Insights into Correlation among Surface‐Structure‐Activity of Cobalt‐Derived Pre‐Catalyst for Oxygen Evolution Reaction

Rational design of unique pre‐catalysts for highly active catalysts toward catalyzing the oxygen evolution reaction (OER) is a great challenge. Herein, a Co‐derived pre‐catalyst that allows gradual exposure of CoOOH that acts as the active center for OER catalysis is obtained by both phosphate ion surface functionalization and Mo inner doping. The obtained catalyst reveals an excellent OER activity with a low overpotential of 265 mV at a current density of 10 mA cm−2 and good durability in alkaline electrolyte, which is comparable to the majority of Co‐based OER catalysts. Specifically, the surface functionalization produces lots of Co‐PO4 species with oxygen vacancies which can trigger the surface self‐reconstruction of pre‐catalyst for a favorable OER reaction.

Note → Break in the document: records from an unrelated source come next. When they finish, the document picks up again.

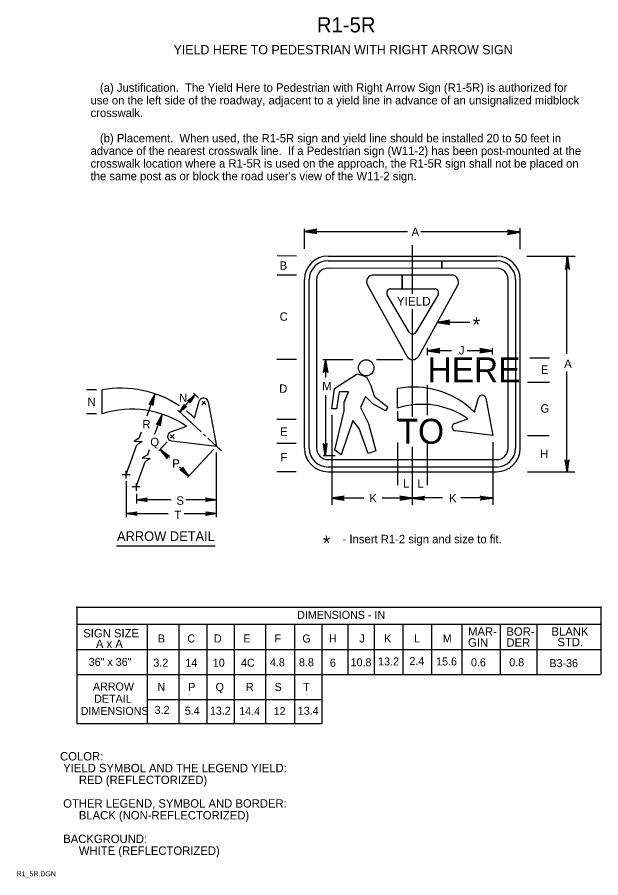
# Model space of a CAD drawing. Extents: x 0.013 to 0.186, y 0.004 to 0.259.
import ezdxf

# ---------------------------------------------------------------- set-up
doc = ezdxf.new("R2010")
doc.units = 0
for name, color, linetype in [('1', 7, 'Continuous'), ('2', 7, 'Continuous'), ('3', 7, 'Continuous')]:
    doc.layers.add(name, color=color, linetype=linetype)

# ---------------------------------------------------------------- blocks, each defined once
blk = doc.blocks.new('RARROW')
at = {"layer": '3'}
for p, q in [((-2.156, 0.28500000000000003), (-2.2665, 0.384625)), ((-2.2665, 0.384625), (0, 0)), ((0, 0), (-2.2665, -0.379125)), ((-2.156, 0.28500000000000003), (-2.075625, 0.12075)), ((0, 0), (-2.156, 0.28500000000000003)), ((-2.14975, -0.2705), (0, 0)), ((-2.075625, 0.12075), (0, 0)), ((0, 0), (-2.074, -0.108)), ((-2.2665, -0.379125), (-2.14975, -0.2705)), ((-2.074, -0.108), (-2.14975, -0.2705))]:
    blk.add_line(p, q, dxfattribs=at)

msp = doc.modelspace()

# ---------------------------------------------------------------- linework, layer by layer
at = {"layer": '1'}
for p, q in [((0.1299704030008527, 0.19165034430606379), (0.1299704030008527, 0.17719405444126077)), ((0.10497040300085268, 0.18840013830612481), (0.15497040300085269, 0.18840013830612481)), ((0.10497040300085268, 0.18700013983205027), (0.13877004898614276, 0.18700013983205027)), ((0.13877004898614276, 0.18470013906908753), (0.13877004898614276, 0.18700013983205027)), ((0.13877004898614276, 0.18700013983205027), (0.15497040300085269, 0.18700013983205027)), ((0.13877004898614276, 0.18700013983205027), (0.13877004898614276, 0.18470013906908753)), ((0.17583661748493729, 0.159368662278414), (0.17583661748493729, 0.1883907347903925)), ((0.13877004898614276, 0.18470013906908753), (0.10497040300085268, 0.18480013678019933)), ((0.15497040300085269, 0.18480013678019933), (0.13877004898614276, 0.18470013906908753)), ((0.09797040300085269, 0.1314001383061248), (0.09797040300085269, 0.1814001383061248)), ((0.0993704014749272, 0.1314001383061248), (0.0993704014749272, 0.1814001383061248)), ((0.10157040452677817, 0.1814001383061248), (0.10157040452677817, 0.1314001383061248)), ((0.12695739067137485, 0.18275925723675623), (0.11844506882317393, 0.18275925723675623)), ((0.12695739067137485, 0.18275925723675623), (0.12695739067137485, 0.1786672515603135)), ((0.12695739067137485, 0.1786672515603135), (0.12695739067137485, 0.18275925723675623)), ((0.14164213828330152, 0.18275925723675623), (0.12695739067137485, 0.18275925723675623)), ((0.1583704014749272, 0.1314001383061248), (0.1583704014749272, 0.1814001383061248)), ((0.16057040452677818, 0.1814001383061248), (0.16057040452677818, 0.1314001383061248)), ((0.1619704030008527, 0.1314001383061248), (0.1619704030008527, 0.1814001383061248)), ((0.11665515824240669, 0.17971976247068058), (0.12829779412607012, 0.1587277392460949)), ((0.1318807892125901, 0.15873350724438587), (0.14343523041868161, 0.17972553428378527)), ((0.1290345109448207, 0.16581073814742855), (0.12256011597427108, 0.17690969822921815)), ((0.12356959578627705, 0.1786672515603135), (0.12695739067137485, 0.1786672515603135)), ((0.12695739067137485, 0.1786672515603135), (0.1366024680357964, 0.1786672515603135)), ((0.13760862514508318, 0.1769040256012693), (0.13105014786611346, 0.16580505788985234)), ((0.1299704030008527, 0.17266413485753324), (0.1299704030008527, 0.14069405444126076)), ((0.1343704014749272, 0.16113755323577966), (0.1343704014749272, 0.15902658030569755)), ((0.15367040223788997, 0.16113755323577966), (0.15367040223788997, 0.159173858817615)), ((0.10418082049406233, 0.15767875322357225), (0.10418082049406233, 0.1523317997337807)), ((0.17583661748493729, 0.12438007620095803), (0.17583661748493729, 0.15414217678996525)), ((0.037975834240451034, 0.14158751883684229), (0.037975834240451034, 0.14866249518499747)), ((0.12557040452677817, 0.1432245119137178), (0.12557040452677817, 0.14905287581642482)), ((0.1343704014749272, 0.15013301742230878), (0.1343704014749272, 0.14115158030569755)), ((0.05131555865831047, 0.14101027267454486), (0.053627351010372, 0.1475216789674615)), ((0.06557366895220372, 0.1472377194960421), (0.06090879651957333, 0.14223526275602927)), ((0.06657751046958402, 0.14630162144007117), (0.06509436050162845, 0.1476846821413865)), ((0.10418082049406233, 0.14710061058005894), (0.10418082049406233, 0.1291787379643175)), ((0.14839427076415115, 0.14211684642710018), (0.14957667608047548, 0.14633188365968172)), ((0.15178639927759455, 0.1461920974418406), (0.1538704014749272, 0.1351952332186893)), ((0.06538158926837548, 0.14031934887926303), (0.06678335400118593, 0.14531636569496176)), ((0.06850288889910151, 0.14533850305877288), (0.067521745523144, 0.14428635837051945)), ((0.06870447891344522, 0.14431818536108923), (0.06760489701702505, 0.1453435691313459)), ((0.06943503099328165, 0.14514862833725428), (0.0719358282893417, 0.13195238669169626)), ((0.05365240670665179, 0.1355681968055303), (0.055758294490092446, 0.14149963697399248)), ((0.06730165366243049, 0.13627382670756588), (0.060429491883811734, 0.14268222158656)), ((0.10607040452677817, 0.14129963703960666), (0.10607040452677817, 0.11455085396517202)), ((0.12557040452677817, 0.14236577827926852), (0.12557040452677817, 0.13952658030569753)), ((0.14246136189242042, 0.13870164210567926), (0.14643814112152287, 0.14012317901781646)), ((0.048952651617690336, 0.13435490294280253), (0.049616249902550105, 0.13622399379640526)), ((0.0630171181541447, 0.1378659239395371), (0.05824498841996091, 0.13616008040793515)), ((0.05937472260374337, 0.13431328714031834), (0.058275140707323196, 0.1353386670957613)), ((0.059300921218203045, 0.13547059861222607), (0.05828654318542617, 0.13438281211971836)), ((0.06867434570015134, 0.13499376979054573), (0.0680398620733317, 0.13558543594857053)), ((0.1538704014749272, 0.1351952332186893), (0.14275494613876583, 0.1365070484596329)), ((0.057226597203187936, 0.1332461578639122), (0.054750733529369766, 0.13059112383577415)), ((0.05859728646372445, 0.13352656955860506), (0.0719358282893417, 0.13195238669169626)), ((0.07335446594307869, 0.13062948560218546), (0.06933296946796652, 0.13437959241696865)), ((0.12557040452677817, 0.13311092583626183), (0.12557040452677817, 0.12040158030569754)), ((0.1343704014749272, 0.1337316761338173), (0.1343704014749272, 0.12040158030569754)), ((0.1538704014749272, 0.13321104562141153), (0.1538704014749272, 0.11455085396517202)), ((0.04512848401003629, 0.12358373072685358), (0.04826671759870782, 0.1324228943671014)), ((0.05148564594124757, 0.12946528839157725), (0.05201389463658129, 0.13095315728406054)), ((0.05808554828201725, 0.1285094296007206), (0.05526351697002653, 0.1311410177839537)), ((0.07114570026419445, 0.13110507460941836), (0.0632636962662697, 0.1226526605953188)), ((0.1299704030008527, 0.13183852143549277), (0.1299704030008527, 0.12040158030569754)), ((0.0719358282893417, 0.11094833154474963), (0.0719358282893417, 0.13011337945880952)), ((0.10497040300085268, 0.12800013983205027), (0.15497040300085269, 0.12800013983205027)), ((0.04512848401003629, 0.12358373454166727), (0.045927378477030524, 0.12583390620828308)), ((0.048203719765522, 0.12022138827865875), (0.050746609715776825, 0.1273837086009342)), ((0.06377647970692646, 0.12320255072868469), (0.06093276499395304, 0.12585435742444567)), ((0.15497040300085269, 0.12580013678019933), (0.10497040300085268, 0.12580013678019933)), ((0.04392848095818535, 0.12358373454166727), (0.046241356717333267, 0.12358373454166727)), ((0.04512848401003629, 0.12238373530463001), (0.04512848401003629, 0.12469660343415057)), ((0.10497040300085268, 0.1244001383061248), (0.15497040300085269, 0.1244001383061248)), ((0.04512848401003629, 0.12162700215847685), (0.04512848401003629, 0.11094833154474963)), ((0.046856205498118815, 0.12000948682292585), (0.04916908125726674, 0.12000948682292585)), ((0.04812848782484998, 0.11873720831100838), (0.04812848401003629, 0.12105008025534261)), ((0.1299704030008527, 0.12040158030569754), (0.1299704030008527, 0.11455085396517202)), ((0.04812848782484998, 0.11784634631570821), (0.04812848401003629, 0.11497867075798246)), ((0.04812848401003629, 0.11614702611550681), (0.0584700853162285, 0.11614702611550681)), ((0.06280007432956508, 0.11614702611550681), (0.0719358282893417, 0.11614702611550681)), ((0.04512848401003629, 0.11202829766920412), (0.05759046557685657, 0.11202829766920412)), ((0.06230007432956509, 0.11202829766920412), (0.0719358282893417, 0.11202829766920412))]:
    msp.add_line(p, q, dxfattribs=at)
for points in [[(0.048952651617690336, 0.13435490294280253), (0.04748751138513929, 0.1334761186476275), (0.04984949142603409, 0.13332854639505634), (0.048388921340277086, 0.13237950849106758)], [(0.05148564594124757, 0.12946528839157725), (0.04986581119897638, 0.12849371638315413), (0.05222779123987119, 0.12834614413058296), (0.050746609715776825, 0.1273837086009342)]]:
    msp.add_lwpolyline(points, dxfattribs=at)
for centre, radius, start, end in [((0.10497040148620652, 0.18140013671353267), 0.007, 90, 180), ((0.10497040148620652, 0.18140013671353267), 0.005599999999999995, 90, 180), ((0.15497040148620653, 0.18140013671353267), 0.007, 0, 90), ((0.15497040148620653, 0.18140013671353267), 0.005599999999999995, 0, 90), ((0.10497040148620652, 0.18140013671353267), 0.003400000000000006, 90, 180), ((0.15497040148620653, 0.18140013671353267), 0.003400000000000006, 0, 90), ((0.11844506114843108, 0.18071248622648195), 0.0020467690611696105, 90, 209.0137077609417), ((0.14164213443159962, 0.18071248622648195), 0.002046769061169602, 331.17072672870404, 90.00000000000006), ((0.12356959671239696, 0.1774985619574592), 0.001168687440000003, 90, 210.25643716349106), ((0.13660246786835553, 0.1774985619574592), 0.0011686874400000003, 329.42077312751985, 90), ((0.1300439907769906, 0.16639960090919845), 0.0011686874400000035, 210.25642921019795, 329.4207751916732), ((0.13008769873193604, 0.15972045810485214), 0.0020467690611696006, 209.01370432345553, 331.17072804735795), ((0.04360638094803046, 0.11797475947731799), 0.031200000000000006, 56.42167073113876, 100.39692240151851), ((0.13042258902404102, 0.12399920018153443), 0.025519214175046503, 45.23173570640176, 100.96086908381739), ((0.06808773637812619, 0.14489329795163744), 0.001371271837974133, 10.730771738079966, 162.03013586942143), ((0.15066365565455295, 0.14597932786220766), 0.0011427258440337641, 10.730771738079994, 162.0299160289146), ((0.1329186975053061, 0.12091213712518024), 0.023491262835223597, 54.86468755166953, 108.228636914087), ((0.0467329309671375, 0.11440320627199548), 0.028560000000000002, 55.237597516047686, 107.85572056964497), ((0.04360638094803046, 0.11797475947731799), 0.031200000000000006, 45.73937252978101, 51.622948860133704), ((0.14288887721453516, 0.1376418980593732), 0.001142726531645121, 111.96987060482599, 263.2692347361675), ((0.05875800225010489, 0.13488838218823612), 0.001371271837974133, 111.96986876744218, 263.2692328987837), ((0.10497040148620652, 0.13140013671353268), 0.007, 180, 270), ((0.10497040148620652, 0.13140013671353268), 0.005599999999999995, 180, 270), ((0.10497040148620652, 0.13140013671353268), 0.003400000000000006, 180, 270), ((0.15497040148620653, 0.13140013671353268), 0.007, 270, 0), ((0.15497040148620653, 0.13140013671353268), 0.005599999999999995, 270, 0), ((0.15497040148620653, 0.13140013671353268), 0.003400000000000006, 270, 0)]:
    msp.add_arc(centre, radius, start, end, dxfattribs=at)
at = {"layer": '3'}
for p, q in [((0.1619704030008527, 0.19042776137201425), (0.16197687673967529, 0.19670993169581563)), ((0.09797256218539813, 0.19049372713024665), (0.09797876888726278, 0.19651637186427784)), ((0.09797792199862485, 0.1956933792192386), (0.12853636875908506, 0.1956933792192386)), ((0.13245412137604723, 0.1956933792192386), (0.16197582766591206, 0.1956933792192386)), ((0.09562044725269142, 0.18840256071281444), (0.08985416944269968, 0.1884085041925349)), ((0.16396162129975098, 0.18839470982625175), (0.17822077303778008, 0.18837407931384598)), ((0.0956145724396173, 0.1827025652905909), (0.08984829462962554, 0.18270850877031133)), ((0.1374132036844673, 0.1687847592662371), (0.14706559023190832, 0.16879470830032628)), ((0.1343704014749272, 0.1603423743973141), (0.1415955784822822, 0.16034982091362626)), ((0.1462718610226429, 0.16035463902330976), (0.15376505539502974, 0.1603623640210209)), ((0.09558880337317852, 0.15770257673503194), (0.08982252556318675, 0.15770852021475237)), ((0.10347123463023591, 0.15767828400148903), (0.11243165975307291, 0.15768751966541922)), ((0.1193952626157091, 0.15769469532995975), (0.12711765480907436, 0.1577026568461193)), ((0.17063060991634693, 0.15808764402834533), (0.16486433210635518, 0.1580935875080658)), ((0.16412330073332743, 0.15099704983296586), (0.17062329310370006, 0.15098764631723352)), ((0.036297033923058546, 0.1486642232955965), (0.03330007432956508, 0.14866731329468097)), ((0.03628973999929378, 0.14158925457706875), (0.03330007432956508, 0.1415923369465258)), ((0.09557045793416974, 0.13990258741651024), (0.08980418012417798, 0.1399085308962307)), ((0.09556314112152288, 0.13280258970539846), (0.08979686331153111, 0.1328085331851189)), ((0.1641004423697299, 0.13519706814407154), (0.17060043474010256, 0.13518766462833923)), ((0.10350060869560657, 0.12917829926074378), (0.10707144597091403, 0.12918198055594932)), ((0.09555448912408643, 0.12440984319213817), (0.08978821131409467, 0.12441578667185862)), ((0.1640848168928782, 0.12439707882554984), (0.1781281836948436, 0.12437676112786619)), ((0.10607040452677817, 0.11667455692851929), (0.11562591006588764, 0.11667455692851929)), ((0.12098599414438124, 0.11667455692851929), (0.1299704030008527, 0.11667455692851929)), ((0.13895481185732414, 0.11667455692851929), (0.1299704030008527, 0.11667455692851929)), ((0.1538704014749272, 0.11667455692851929), (0.14431489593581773, 0.11667455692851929)), ((0.042280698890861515, 0.10243853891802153), (0.07148671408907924, 0.10243853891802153)), ((0.030510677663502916, 0.08444028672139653), (0.030510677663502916, 0.04959498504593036)), ((0.18586708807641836, 0.08444028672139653), (0.18586708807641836, 0.06432524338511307)), ((0.03025, 0.08425), (0.18575, 0.08425)), ((0.18586708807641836, 0.07905550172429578), (0.030510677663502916, 0.07905550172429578)), ((0.051353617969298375, 0.07905550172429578), (0.051353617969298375, 0.04959498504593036)), ((0.15600656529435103, 0.07905550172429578), (0.15600656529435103, 0.06432524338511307)), ((0.16693973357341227, 0.07905550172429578), (0.16693973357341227, 0.06432524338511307)), ((0.03025, 0.07162500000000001), (0.18575, 0.07162500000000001)), ((0.0305, 0.06425), (0.18575, 0.06425)), ((0.051250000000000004, 0.056875), (0.10312500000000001, 0.056875)), ((0.10313567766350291, 0.04959498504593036), (0.030510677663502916, 0.04959498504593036))]:
    msp.add_line(p, q, dxfattribs=at)
msp.add_lwpolyline([(0.12274691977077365, 0.14356905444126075), (0.12199691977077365, 0.14244405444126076), (0.11824691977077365, 0.14456905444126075), (0.11612191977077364, 0.14669405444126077), (0.11462191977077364, 0.14344405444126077), (0.11699691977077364, 0.13869405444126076), (0.11912191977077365, 0.13056905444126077), (0.11687191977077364, 0.12981905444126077), (0.11424691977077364, 0.13719405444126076), (0.11237191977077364, 0.13956905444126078), (0.10887191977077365, 0.12944405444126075), (0.10699691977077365, 0.13081905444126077), (0.10974691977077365, 0.14244405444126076), (0.10974691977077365, 0.14319405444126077), (0.10974691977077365, 0.14381905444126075), (0.10974691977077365, 0.14394405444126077), (0.10974691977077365, 0.14444405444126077), (0.10974691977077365, 0.14506905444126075), (0.11099691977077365, 0.14806905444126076), (0.10824691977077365, 0.14806905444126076), (0.10749691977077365, 0.14306905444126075), (0.10612191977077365, 0.14306905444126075), (0.10687191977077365, 0.14906905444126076), (0.11362191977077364, 0.15344405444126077), (0.11549691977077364, 0.15281905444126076), (0.11649691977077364, 0.15231905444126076), (0.11762191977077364, 0.14994405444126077), (0.11862191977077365, 0.14681905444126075)], close=True, dxfattribs=at)
for points in [[(0.06076067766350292, 0.07905550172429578), (0.06076067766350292, 0.04959498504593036)], [(0.06901067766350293, 0.07905550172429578), (0.06901067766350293, 0.04959498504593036)], [(0.07713567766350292, 0.07905550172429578), (0.07713567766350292, 0.04959498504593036)], [(0.08638567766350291, 0.07905550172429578), (0.08638567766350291, 0.04959498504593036)], [(0.09501067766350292, 0.07905550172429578), (0.09501067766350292, 0.04959498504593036)], [(0.10313567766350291, 0.07905550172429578), (0.10313567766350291, 0.04959498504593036)], [(0.11088567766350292, 0.07905550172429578), (0.11088567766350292, 0.06425)], [(0.11863567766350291, 0.07905550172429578), (0.11863567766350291, 0.06432524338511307)], [(0.1271587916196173, 0.07905550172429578), (0.1271587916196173, 0.06432524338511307)], [(0.1356819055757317, 0.07905550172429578), (0.1356819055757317, 0.06432524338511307)], [(0.14462161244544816, 0.07905550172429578), (0.14462161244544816, 0.06432524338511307)]]:
    msp.add_lwpolyline(points, dxfattribs=at)
msp.add_ellipse((0.11629798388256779, 0.15522478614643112), major_axis=(-4.395448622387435e-19, -0.0023927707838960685), ratio=0.9570312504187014, dxfattribs=at)

# ---------------------------------------------------------------- block references
for p, xscale, yscale, rotation in [((0.09787191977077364, 0.19569405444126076), 0.0016545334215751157, -0.001636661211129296, -179.9170828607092), ((0.16199691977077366, 0.19544405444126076), 0.0016545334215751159, -0.0016366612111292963, 0.08291713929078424), ((0.17599691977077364, 0.18819405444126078), 0.0016545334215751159, -0.0016366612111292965, 89.91708286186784), ((0.13737191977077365, 0.16869405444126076), 0.0016545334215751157, -0.001636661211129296, -179.9170828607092), ((0.13437191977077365, 0.16031905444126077), 0.0016545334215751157, -0.001636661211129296, -179.9170828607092), ((0.15374691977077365, 0.16031905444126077), 0.0016545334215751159, -0.0016366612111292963, 0.08291713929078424), ((0.10424691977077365, 0.15756905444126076), 0.0016545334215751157, 0.0016366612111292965, 90.08291713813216), ((0.0535133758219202, 0.1472357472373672), 0.0014063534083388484, 0.001391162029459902, 70.99488834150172), ((0.0655133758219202, 0.14711074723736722), 0.001195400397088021, 0.0011824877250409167, 46.974569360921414), ((0.0608883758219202, 0.14211074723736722), 0.0011954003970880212, 0.0011824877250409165, -133.0384279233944), ((0.0556383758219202, 0.1412357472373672), 0.0014063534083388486, 0.0013911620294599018, 71.90784527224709), ((0.10412191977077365, 0.12906905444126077), 0.0016545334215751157, -0.0016366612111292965, -90.08291713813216), ((0.0552633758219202, 0.1308607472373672), 0.0014063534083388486, 0.0013911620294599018, 137.91340924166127), ((0.17587191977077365, 0.12419405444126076), 0.0016545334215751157, -0.0016366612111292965, -90.08291713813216), ((0.0636383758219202, 0.12311074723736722), 0.0014063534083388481, 0.0013911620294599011, -45.6478760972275), ((0.0481383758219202, 0.11611074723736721), 0.0014063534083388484, 0.001391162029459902, 179.91708286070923), ((0.0718883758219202, 0.11611074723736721), 0.0014063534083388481, 0.0013911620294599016, -0.08291713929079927), ((0.10599691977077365, 0.11656905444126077), 0.0016545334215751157, -0.001636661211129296, -179.9170828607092), ((0.12999691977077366, 0.11656905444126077), 0.0016545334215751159, -0.0016366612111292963, 0.08291713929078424), ((0.12987191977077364, 0.11656905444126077), 0.0016545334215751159, 0.0016366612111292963, 179.91708286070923), ((0.15387191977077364, 0.11656905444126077), 0.0016545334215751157, 0.001636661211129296, -0.08291713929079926), ((0.0451383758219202, 0.1119857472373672), 0.0014063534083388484, 0.001391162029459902, 179.91708286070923), ((0.0718883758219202, 0.1119857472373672), 0.0014063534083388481, 0.0013911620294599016, -0.08291713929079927)]:
    msp.add_blockref('RARROW', p, dxfattribs=dict(at, xscale=xscale, yscale=yscale, rotation=rotation))

# ---------------------------------------------------------------- texts
at = {"layer": '1'}
for s, height, p in [('R1-5R', 0.0045000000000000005, (0.10166804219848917, 0.25475000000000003)), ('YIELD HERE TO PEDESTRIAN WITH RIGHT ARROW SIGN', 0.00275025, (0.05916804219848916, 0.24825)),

Density functional theory calculations reveal that the Mo doping optimizes adsorption‐free energy of *OOH formation and thus accelerates intrinsic electrocatalytic activity. Expanding on these explorations, a series of transition metal oxide pre‐catalysts are obtained using this general design strategy. The work offers a fundamental understanding toward the correlation among surface‐structure‐activity for the pre‐catalyst design. Unravelling the intrinsic mechanism, especially what the “true” catalyst for the oxygen evolution reaction (OER) is, is still highly challenging. Herein, a Co‐based pre‐catalyst is designed that enables rational control over exposure of true active CoOOH centers by in situ self‐reconstruction to deliver excellent electrocatalytic performance, representing one of the state‐of‐the‐art OER catalysts.